Coinciding with flare-ups of violence in town, pale-skinned militants appear on the streets. They are dressed like hunters or soldiers, always visibly armed. The police make no real effort to stop them. Oona stops biking and starts driving instead, frightened of the militants. Oona’s mother is on a jolly high though, less worried and more optimistic.

Anders goes out to visit his father on a chilly day. He hasn’t been threatened yet, but he conceals himself nonetheless, wearing a hoodie, gloves, and sunglasses. His father, who has become more physically broken-looking, gives Anders cash, supplies, and a rifle and shells, insisting he take them. He waits until Anders stops resisting and accepts the situation for what it is.

At home, Anders wonders if the rifle makes him safer. He suspects that it is better to be non-confrontational, and that being armed would put him in greater danger if people came for him. Anders sits thinking about how he will lose his father soon, the inevitability coming up quickly. He is relieved when Oona arrives. Oona feels a difference in herself, no longer resistant to Anders. They talk and kiss and have sex, slowly and languidly.

Analysis

As reputable news sources report on more people undergoing the same transformation, Anders is emboldened to leave his house and attempt to resume life as normal. Hamid builds on the themes of white privilege and racial prejudice with Anders’s boss’s crass and insensitive comment that he would have committed suicide if he’d been in Anders’s place. With this statement, Anders’s boss suggests that, in their implicitly white-supremacist country, is better to be dead than brown.

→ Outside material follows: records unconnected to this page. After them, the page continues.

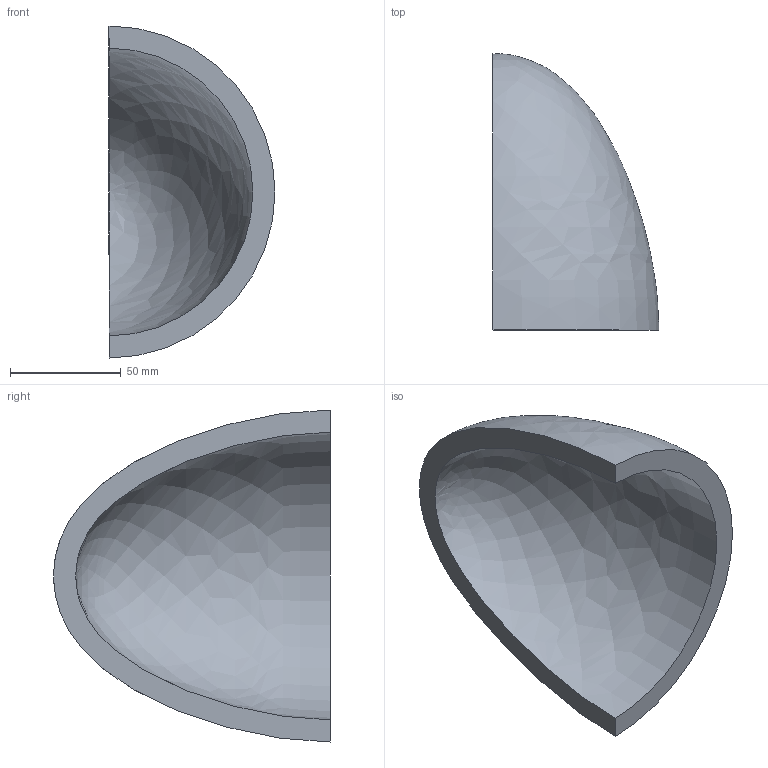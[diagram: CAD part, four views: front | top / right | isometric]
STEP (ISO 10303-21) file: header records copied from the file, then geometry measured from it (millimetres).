
FILE_DESCRIPTION(('CATIA V5 STEP Exchange'),'2;1');
FILE_NAME('C:\_Andres\UNIVERSIDAD\IQS\ASIGNATURAS\DAO\EXF\EXF-16172c\2inicio\Quiroga_Garcia_Ej10_v25.stp','2017-03-05T22:31:14+00:00',('none'),('none'),'CATIA Version 5-6 Release 2014 SP1 HF18','CATIA V5 STEP AP203','none');
FILE_SCHEMA(('CONFIG_CONTROL_DESIGN'));
Length unit declared in the file: millimetre
Products named in the file (1): Quiroga_Garcia_Ej10_v25
Bounding box: 75 x 125 x 150 mm (x, y, z)
Volume: 226597.9 mm3; surface area: 50643.8 mm2
Topology: 1 solids, 1 shells, 4 faces, 10 edges, 6 vertices
Faces by surface type: revolution 2, plane 2
Entity records: 248 total; most frequent: CARTESIAN_POINT 126, ORIENTED_EDGE 16, DIRECTION 10, EDGE_CURVE 8, B_SPLINE_CURVE_WITH_KNOTS 6, VERTEX_POINT 6, AXIS2_PLACEMENT_3D 5, ADVANCED_FACE 4
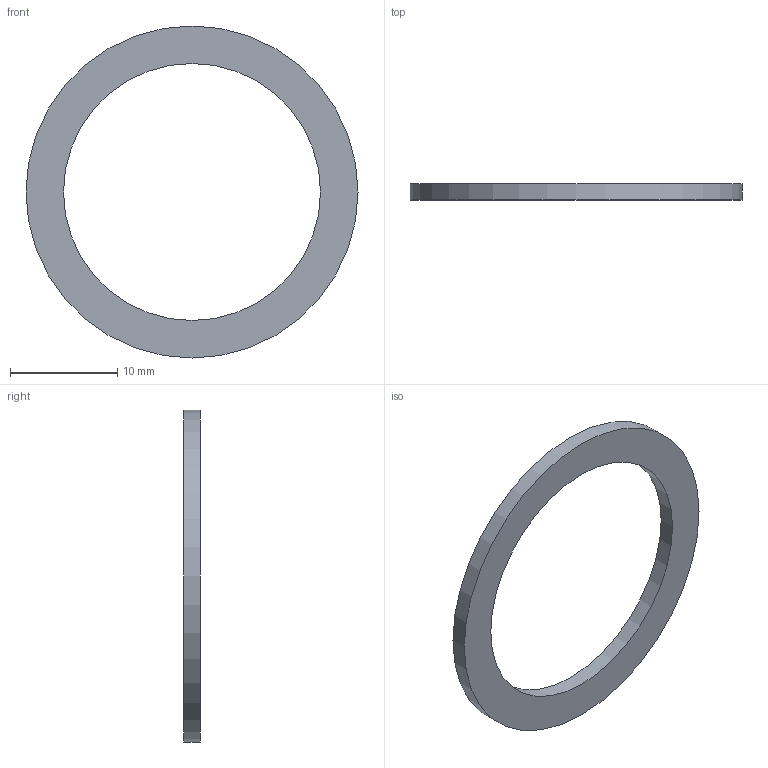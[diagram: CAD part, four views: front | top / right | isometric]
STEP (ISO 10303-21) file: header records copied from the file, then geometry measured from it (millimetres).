
FILE_DESCRIPTION(('FreeCAD Model'),'2;1');
FILE_NAME('Open CASCADE Shape Model','2026-11-20T08:25:39',('FreeCAD'),( 'FreeCAD'),'Open CASCADE STEP processor 7.8','FreeCAD','Unknown');
FILE_SCHEMA(('AUTOMOTIVE_DESIGN { 1 0 10303 214 1 1 1 1 }'));
Length unit declared in the file: millimetre
Products named in the file (1): Open CASCADE STEP translator 7.8 90
Bounding box: 31 x 1.5 x 31 mm (x, y, z)
Volume: 453.6 mm3; surface area: 863.9 mm2
Topology: 1 solids, 1 shells, 4 faces, 6 edges, 4 vertices
Faces by surface type: cylinder 2, plane 2
Full cylindrical faces by diameter (mm): 24 x1, 31 x1
Entity records: 108 total; most frequent: DIRECTION 20, CARTESIAN_POINT 15, ORIENTED_EDGE 12, AXIS2_PLACEMENT_3D 9, FACE_BOUND 6, EDGE_LOOP 6, EDGE_CURVE 6, ADVANCED_FACE 4

In response to his boss’s crude pronouncement, Anders shrugs off the comment; after a week of being brown, Anders has realized the difference between his past and current selves is merely superficial. Nevertheless, Anders is conscious of how white people at his gym might be staring at him and judging him. With this heightened awareness of how he is perceived as different, he finds it impossible to behave with the naturalness he once unconsciously enjoyed as a member of the racial majority.

The theme of mortality arises with the narrator’s commentary on how changed people are killing themselves rather than living their lives with dark skin. Societal collapse returns as a theme when Anders notices the first signs of a dramatic change coming as people stop taking part in society to hide out in their homes. Oona’s mother is among the people who believe it is necessary to hoard supplies to prepare for the racial reckoning about to occur. While Oona usually dismisses her mother as an easily manipulated crackpot, she finds herself swept up in the widespread panic.

Although Anders hopes the paranoia will subside, the next sign of societal collapse is the formation of armed white militant groups who exercise influence on the town without interference from the police. As a young woman, Oona immediately perceives the militants to be a menacing force she does not trust. By contrast, Oona’s mother sees the same men as noble protectors of white people and culture. Having been manipulated into believing that her “kind” is being replaced because of a sinister plot, she is primed to excuse the violence of actually sinister people purportedly acting for her benefit.

The theme of mortality returns when Anders accepts a rifle from his father and is prompted to consider whether he would defend his life against militants, if it came to that. If anything, the fact of having a weapon might put Anders in greater danger because he is liable to provoke the militants’ fear. With this question put in Anders’s and the reader’s minds, Hamid sets the tone for the escalating violence of the winter.